The World Sturgeon Conservation Society (WSCS) has also petitioned U.S. Fish and Wildlife Service to reconsider its proposed regulation.
“The WSCS recognizes that this proposal was initiated out of concern and good intention, but we are convinced that it will prove counterproductive in the worst case to work towards sustainable management of wild resources and to protect the sturgeon species in question,” the WSCS wrote.
The society said all of the species being considered for listing as endangered are already subject to the Convention on International Trade in Endangered Species (CITES), and that sturgeon fisheries in almost all countries in the species’ range are currently shut down. Because of this, aquaculture is currently the only legal source of sturgeon meat and products, and the commercial utilization of sturgeon via aquaculture is “subject to detailed control of the respective states and of international conventions.”
The WSCS said the U.S. could be more-effective in protecting sturgeon species by adopting CITES regulations and labeling on caviar products.
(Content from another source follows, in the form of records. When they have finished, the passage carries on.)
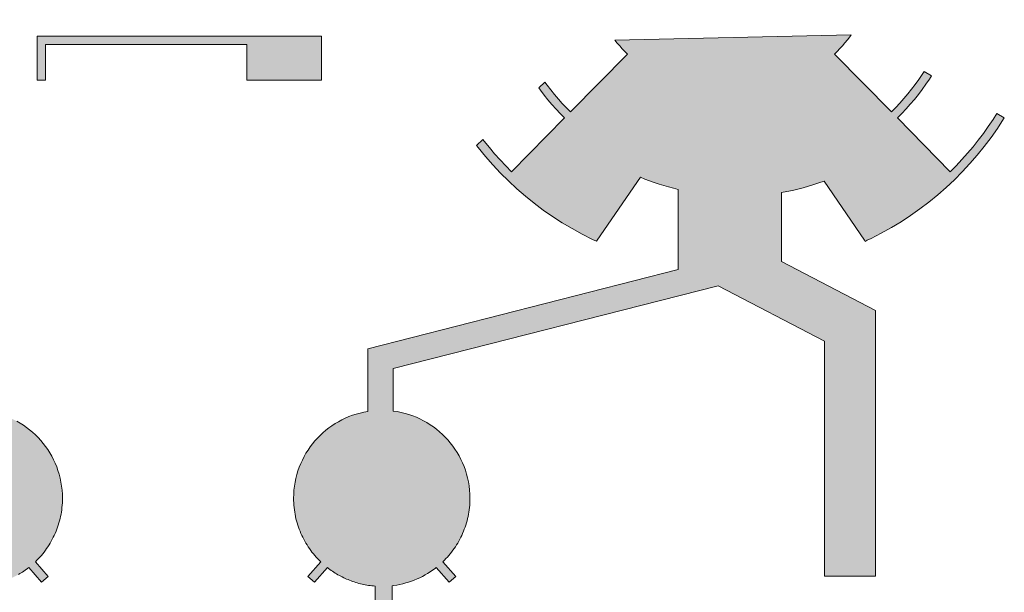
# Model space of a CAD drawing. Header units: millimetres. Extents: x -327 to -251, y -83 to 44.
# Tile 7 of 10: x -294 to -253, y -2 to 22. Entities that reach past the tile are written whole.
import ezdxf

# ---------------------------------------------------------------- set-up
doc = ezdxf.new("R2010")
doc.units = ezdxf.units.MM
doc.header["$MEASUREMENT"] = 0
doc.layers.add('Print', color=7, linetype='Continuous', lineweight=0)

# ---------------------------------------------------------------- blocks, each defined once
blk = doc.blocks.new('Block_0')
at = {"layer": 'Print'}
h = blk.add_hatch(color=1, dxfattribs=at)
h.dxf.hatch_style = 2
h.paths.add_polyline_path([(-316.329, 24.418), (-316.322, 24.287), (-316.312, 24.156), (-316.299, 24.025), (-316.283, 23.896), (-316.265, 23.767), (-316.244, 23.639), (-316.22, 23.513), (-316.193, 23.387), (-316.165, 23.262), (-316.133, 23.137), (-316.1, 23.014), (-316.063, 22.892), (-316.025, 22.771), (-315.984, 22.651), (-317.248, 22.173), (-317.107, 21.849), (-315.863, 22.32), (-315.8, 22.175), (-315.735, 22.033), (-315.665, 21.893), (-315.593, 21.755), (-315.517, 21.619), (-315.437, 21.485), (-315.355, 21.353), (-315.269, 21.223), (-315.18, 21.096), (-315.088, 20.971), (-314.993, 20.849), (-314.895, 20.729), (-314.794, 20.611), (-314.69, 20.496), (-314.583, 20.384), (-314.474, 20.274), (-316.842, 17.864), (-317.015, 18.038), (-317.183, 18.217), (-317.347, 18.4), (-317.506, 18.588), (-317.661, 18.779), (-317.741, 18.884), (-318, 18.643), (-317.939, 18.563), (-317.779, 18.364), (-317.614, 18.169), (-317.443, 17.979), (-317.268, 17.794), (-317.089, 17.612), (-319.297, 15.365), (-319.538, 15.609), (-319.772, 15.859), (-319.999, 16.115), (-320.22, 16.376), (-320.31, 16.49), (-320.574, 16.244), (-320.385, 16.012), (-320.076, 15.659), (-319.755, 15.316), (-319.422, 14.985), (-319.077, 14.664), (-318.721, 14.355), (-318.353, 14.058), (-317.974, 13.774), (-317.584, 13.502), (-317.183, 13.244), (-316.773, 12.999), (-316.351, 12.768), (-315.92, 12.552), (-315.761, 12.475), (-315.727, 12.514), (-314.006, 15.033), (-313.829, 14.973), (-313.651, 14.916), (-313.472, 14.862), (-313.291, 14.811), (-313.109, 14.764), (-312.926, 14.719), (-312.741, 14.678), (-312.556, 14.64), (-312.556, 11.626), (-316.267, 9.688), (-316.267, -1.389), (-314.15, -1.389), (-314.15, 8.406), (-309.72, 10.719), (-296.191, 7.27), (-296.191, 5.489), (-296.356, 5.461), (-296.519, 5.426), (-296.679, 5.384), (-296.836, 5.335), (-296.989, 5.279), (-297.14, 5.217), (-297.287, 5.148), (-297.431, 5.074), (-297.57, 4.993), (-297.706, 4.906), (-297.838, 4.813), (-297.965, 4.715), (-298.088, 4.612), (-298.206, 4.503), (-298.319, 4.39), (-298.427, 4.271), (-298.53, 4.148), (-298.628, 4.021), (-298.72, 3.889), (-298.806, 3.753), (-298.887, 3.613), (-298.961, 3.469), (-299.029, 3.322), (-299.091, 3.171), (-299.146, 3.017), (-299.194, 2.86), (-299.236, 2.7), (-299.27, 2.537), (-299.297, 2.371), (-299.316, 2.203), (-299.328, 2.033), (-299.332, 1.861), (-299.331, 1.764), (-299.327, 1.668), (-299.321, 1.572), (-299.312, 1.477), (-299.301, 1.382), (-299.287, 1.289), (-299.272, 1.196), (-299.253, 1.104), (-299.233, 1.012), (-299.21, 0.922), (-299.185, 0.833), (-299.158, 0.744), (-299.129, 0.657), (-299.098, 0.57), (-299.064, 0.485), (-299.028, 0.4), (-298.991, 0.317), (-298.951, 0.235), (-298.91, 0.154), (-298.866, 0.074), (-298.821, -0.005), (-298.773, -0.082), (-298.724, -0.159), (-298.673, -0.234), (-298.621, -0.307), (-298.566, -0.379), (-298.51, -0.45), (-298.452, -0.519), (-298.393, -0.587), (-298.331, -0.654), (-298.269, -0.719), (-298.204, -0.782), (-298.741, -1.397), (-298.463, -1.64), (-297.925, -1.025), (-297.823, -1.102), (-297.718, -1.176), (-297.611, -1.246), (-297.501, -1.313), (-297.445, -1.344), (-297.331, -1.405), (-297.215, -1.462), (-297.157, -1.489), (-297.037, -1.54), (-296.977, -1.564), (-296.916, -1.587), (-296.854, -1.609), (-296.793, -1.629), (-296.73, -1.649), (-296.667, -1.668), (-296.604, -1.685), (-296.54, -1.702), (-296.476, -1.717), (-296.411, -1.731), (-296.346, -1.744), (-296.28, -1.756), (-296.214, -1.766), (-296.148, -1.776), (-296.081, -1.784), (-296.014, -1.791), (-296.014, -3.566), (-294.514, -6.848), (-294.514, -19.871), (-293.809, -19.871), (-293.809, -6.694), (-295.309, -3.412), (-295.309, -1.791), (-295.242, -1.784), (-295.175, -1.776), (-295.108, -1.766), (-295.042, -1.756), (-294.977, -1.744), (-294.912, -1.731), (-294.847, -1.717), (-294.782, -1.701), (-294.719, -1.685), (-294.655, -1.668), (-294.592, -1.649), (-294.53, -1.629), (-294.468, -1.608), (-294.406, -1.587), (-294.345, -1.564), (-294.285, -1.54), (-294.225, -1.515), (-294.165, -1.489), (-294.106, -1.462), (-294.048, -1.434), (-293.99, -1.405), (-293.933, -1.375), (-293.821, -1.312), (-293.765, -1.279), (-293.656, -1.21), (-293.55, -1.138), (-293.447, -1.062), (-293.396, -1.023), (-292.861, -1.64), (-292.582, -1.397), (-293.117, -0.781), (-293.053, -0.717), (-292.99, -0.652), (-292.929, -0.586), (-292.87, -0.518), (-292.812, -0.449), (-292.756, -0.378), (-292.701, -0.306), (-292.649, -0.232), (-292.598, -0.157), (-292.549, -0.081), (-292.501, -0.004), (-292.456, 0.075), (-292.413, 0.155), (-292.371, 0.236), (-292.332, 0.318), (-292.294, 0.401), (-292.259, 0.486), (-292.225, 0.571), (-292.194, 0.658), (-292.165, 0.745), (-292.137, 0.833), (-292.113, 0.923), (-292.09, 1.013), (-292.07, 1.104), (-292.051, 1.196), (-292.036, 1.289), (-292.022, 1.383), (-292.011, 1.477), (-292.002, 1.572), (-291.996, 1.668), (-291.992, 1.764), (-291.991, 1.861), (-291.995, 2.033), (-292.007, 2.203), (-292.026, 2.371), (-292.053, 2.537), (-292.087, 2.7), (-292.129, 2.86), (-292.177, 3.017), (-292.232, 3.171), (-292.294, 3.322), (-292.362, 3.469), (-292.436, 3.613), (-292.517, 3.753), (-292.603, 3.889), (-292.695, 4.021), (-292.793, 4.148), (-292.896, 4.271), (-293.004, 4.39), (-293.117, 4.503), (-293.235, 4.612), (-293.358, 4.715), (-293.485, 4.813), (-293.617, 4.906), (-293.753, 4.993), (-293.892, 5.074), (-294.036, 5.148), (-294.183, 5.217), (-294.334, 5.279), (-294.488, 5.335), (-294.645, 5.384), (-294.804, 5.426), (-294.967, 5.461), (-295.132, 5.489), (-295.132, 8.093), (-308.265, 11.44), (-308.265, 14.686), (-308.033, 14.739), (-307.802, 14.797), (-307.573, 14.859), (-307.346, 14.926), (-307.122, 14.999), (-306.899, 15.076), (-306.679, 15.158), (-306.462, 15.245), (-304.596, 12.514), (-304.565, 12.48), (-304.488, 12.513), (-304.329, 12.591), (-303.902, 12.81), (-303.485, 13.043), (-303.078, 13.289), (-302.681, 13.549), (-302.295, 13.822), (-301.92, 14.108), (-301.555, 14.406), (-301.202, 14.715), (-300.861, 15.036), (-300.531, 15.368), (-300.213, 15.71), (-299.907, 16.063), (-299.614, 16.426), (-299.334, 16.798), (-299.067, 17.179), (-298.813, 17.569), (-298.572, 17.967), (-298.903, 18.112), (-299.064, 17.843), (-299.253, 17.547), (-299.449, 17.256), (-299.653, 16.97), (-299.865, 16.689), (-300.084, 16.414), (-300.31, 16.145), (-300.544, 15.881), (-300.785, 15.623), (-301.033, 15.372), (-303.234, 17.612), (-303.049, 17.799), (-302.869, 17.99), (-302.695, 18.186), (-302.525, 18.387), (-302.361, 18.592), (-302.202, 18.802), (-302.048, 19.016), (-301.9, 19.234), (-301.802, 19.387), (-302.129, 19.53), (-302.197, 19.425), (-302.339, 19.215), (-302.487, 19.009), (-302.64, 18.807), (-302.798, 18.61), (-302.962, 18.417), (-303.13, 18.228), (-303.303, 18.044), (-303.481, 17.864), (-305.85, 20.274), (-305.737, 20.387), (-305.627, 20.503), (-305.521, 20.622), (-305.417, 20.743), (-305.317, 20.867), (-305.219, 20.994), (-305.125, 21.123), (-305.035, 21.255), (-304.947, 21.389), (-304.863, 21.526), (-304.783, 21.665), (-304.706, 21.806), (-304.632, 21.949), (-304.563, 22.094), (-304.497, 22.242), (-304.434, 22.391), (-303.212, 21.947), (-303.102, 22.282), (-304.313, 22.722), (-304.275, 22.839), (-304.239, 22.956), (-304.206, 23.074), (-304.174, 23.193), (-304.145, 23.313), (-304.119, 23.433), (-304.094, 23.555), (-304.072, 23.678), (-304.053, 23.801), (-304.036, 23.925), (-304.021, 24.05), (-304.009, 24.175), (-304, 24.301), (-303.993, 24.428), (-303.989, 24.556), (-303.988, 24.684), (-303.99, 24.84), (-303.996, 24.996), (-304.005, 25.15), (-304.007, 25.172), (-316.309, 25.248), (-316.319, 25.133), (-316.328, 24.985), (-316.334, 24.835), (-316.335, 24.684), (-316.334, 24.551)])
h = blk.add_hatch(color=1, dxfattribs=at)
h.dxf.hatch_style = 2
h.paths.add_polyline_path([(-292.691, 20.766), (-284.316, 20.766), (-284.316, 19.278), (-281.209, 19.278), (-281.209, 21.119), (-293.044, 21.119), (-293.044, 19.278), (-292.691, 19.278)])
h = blk.add_hatch(color=1, dxfattribs=at)
h.dxf.hatch_style = 2
h.paths.add_polyline_path([(-253.253, 17.645), (-253.449, 17.354), (-253.653, 17.068), (-253.865, 16.787), (-254.084, 16.512), (-254.31, 16.243), (-254.544, 15.979), (-254.785, 15.721), (-255.033, 15.47), (-257.234, 17.711), (-257.049, 17.897), (-256.87, 18.089), (-256.695, 18.285), (-256.525, 18.485), (-256.361, 18.691), (-256.202, 18.9), (-256.048, 19.114), (-255.9, 19.332), (-255.815, 19.466), (-256.121, 19.642), (-256.197, 19.523), (-256.339, 19.313), (-256.487, 19.107), (-256.64, 18.906), (-256.798, 18.708), (-256.962, 18.515), (-257.13, 18.326), (-257.303, 18.142), (-257.481, 17.962), (-259.849, 20.372), (-259.737, 20.485), (-259.627, 20.601), (-259.52, 20.72), (-259.417, 20.841), (-259.316, 20.965), (-259.219, 21.092), (-259.163, 21.17), (-268.997, 20.952), (-268.993, 20.947), (-268.894, 20.827), (-268.793, 20.709), (-268.69, 20.594), (-268.583, 20.482), (-268.474, 20.372), (-270.842, 17.962), (-271.015, 18.137), (-271.183, 18.315), (-271.347, 18.498), (-271.506, 18.686), (-271.661, 18.877), (-271.81, 19.072), (-271.906, 19.204), (-272.166, 18.963), (-272.094, 18.864), (-271.939, 18.661), (-271.779, 18.462), (-271.614, 18.268), (-271.443, 18.078), (-271.268, 17.892), (-271.089, 17.711), (-273.297, 15.463), (-273.538, 15.708), (-273.772, 15.958), (-273.999, 16.213), (-274.22, 16.475), (-274.433, 16.741), (-274.487, 16.812), (-274.751, 16.566), (-274.681, 16.473), (-274.385, 16.11), (-274.076, 15.757), (-273.755, 15.415), (-273.422, 15.083), (-273.078, 14.762), (-272.721, 14.453), (-272.353, 14.156), (-271.974, 13.872), (-271.584, 13.6), (-271.184, 13.342), (-270.773, 13.097), (-270.351, 12.866), (-269.92, 12.65), (-269.761, 12.573), (-269.727, 12.613), (-267.933, 15.238), (-267.742, 15.161), (-267.549, 15.088), (-267.354, 15.019), (-267.157, 14.953), (-266.959, 14.891), (-266.759, 14.833), (-266.557, 14.778), (-266.354, 14.728), (-266.354, 11.388), (-279.281, 8.093), (-279.281, 5.481), (-279.444, 5.451), (-279.604, 5.414), (-279.762, 5.371), (-279.916, 5.32), (-280.068, 5.263), (-280.216, 5.2), (-280.361, 5.13), (-280.502, 5.054), (-280.639, 4.973), (-280.773, 4.886), (-280.902, 4.793), (-281.027, 4.695), (-281.148, 4.591), (-281.264, 4.483), (-281.375, 4.37), (-281.481, 4.252), (-281.582, 4.129), (-281.678, 4.002), (-281.769, 3.871), (-281.853, 3.736), (-281.932, 3.597), (-282.005, 3.454), (-282.072, 3.308), (-282.133, 3.159), (-282.187, 3.006), (-282.234, 2.85), (-282.274, 2.691), (-282.308, 2.53), (-282.334, 2.366), (-282.354, 2.2), (-282.365, 2.032), (-282.369, 1.861), (-282.368, 1.764), (-282.364, 1.668), (-282.358, 1.572), (-282.349, 1.477), (-282.338, 1.382), (-282.324, 1.289), (-282.309, 1.196), (-282.29, 1.104), (-282.27, 1.012), (-282.247, 0.922), (-282.222, 0.833), (-282.195, 0.744), (-282.166, 0.657), (-282.134, 0.57), (-282.101, 0.485), (-282.065, 0.4), (-282.028, 0.317), (-281.988, 0.235), (-281.947, 0.154), (-281.903, 0.074), (-281.858, -0.005), (-281.81, -0.082), (-281.761, -0.159), (-281.71, -0.234), (-281.658, -0.307), (-281.603, -0.379), (-281.547, -0.45), (-281.489, -0.519), (-281.429, -0.587), (-281.368, -0.654), (-281.306, -0.719), (-281.241, -0.782), (-281.778, -1.397), (-281.5, -1.64), (-280.962, -1.025), (-280.909, -1.065), (-280.856, -1.105), (-280.802, -1.143), (-280.747, -1.181), (-280.692, -1.218), (-280.635, -1.254), (-280.579, -1.288), (-280.521, -1.322), (-280.463, -1.355), (-280.404, -1.387), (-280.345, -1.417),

It said illegally-caught sturgeon is typically sold locally, so a U.S. ban on sturgeon imports would have no practical impact in curbing poaching.
“When limiting market access for farmed caviar, the demand might search for alternative supply, thereby fueling illegal harvest and smuggling,” the WSCS said.
For companies like Caviar & Caviar, the move would be catastrophic, Jalileyan said he hopes the U.S. Fish and Wildlife Service chooses to rethink its initial proposal.
“Understanding the full integration of sustainability, ethical trade, and captive breeding systems that maintain almost a net-zero effect on their respective settings, this should be considered as a model for the future of many fish farmers worldwide,” he said. “We do consider the USFWS to be logical and reasonable actors and hope they will, after full review, understand the present day facts and proceed in the best interest of our industry and the continued welfare and propagation of sturgeon species.”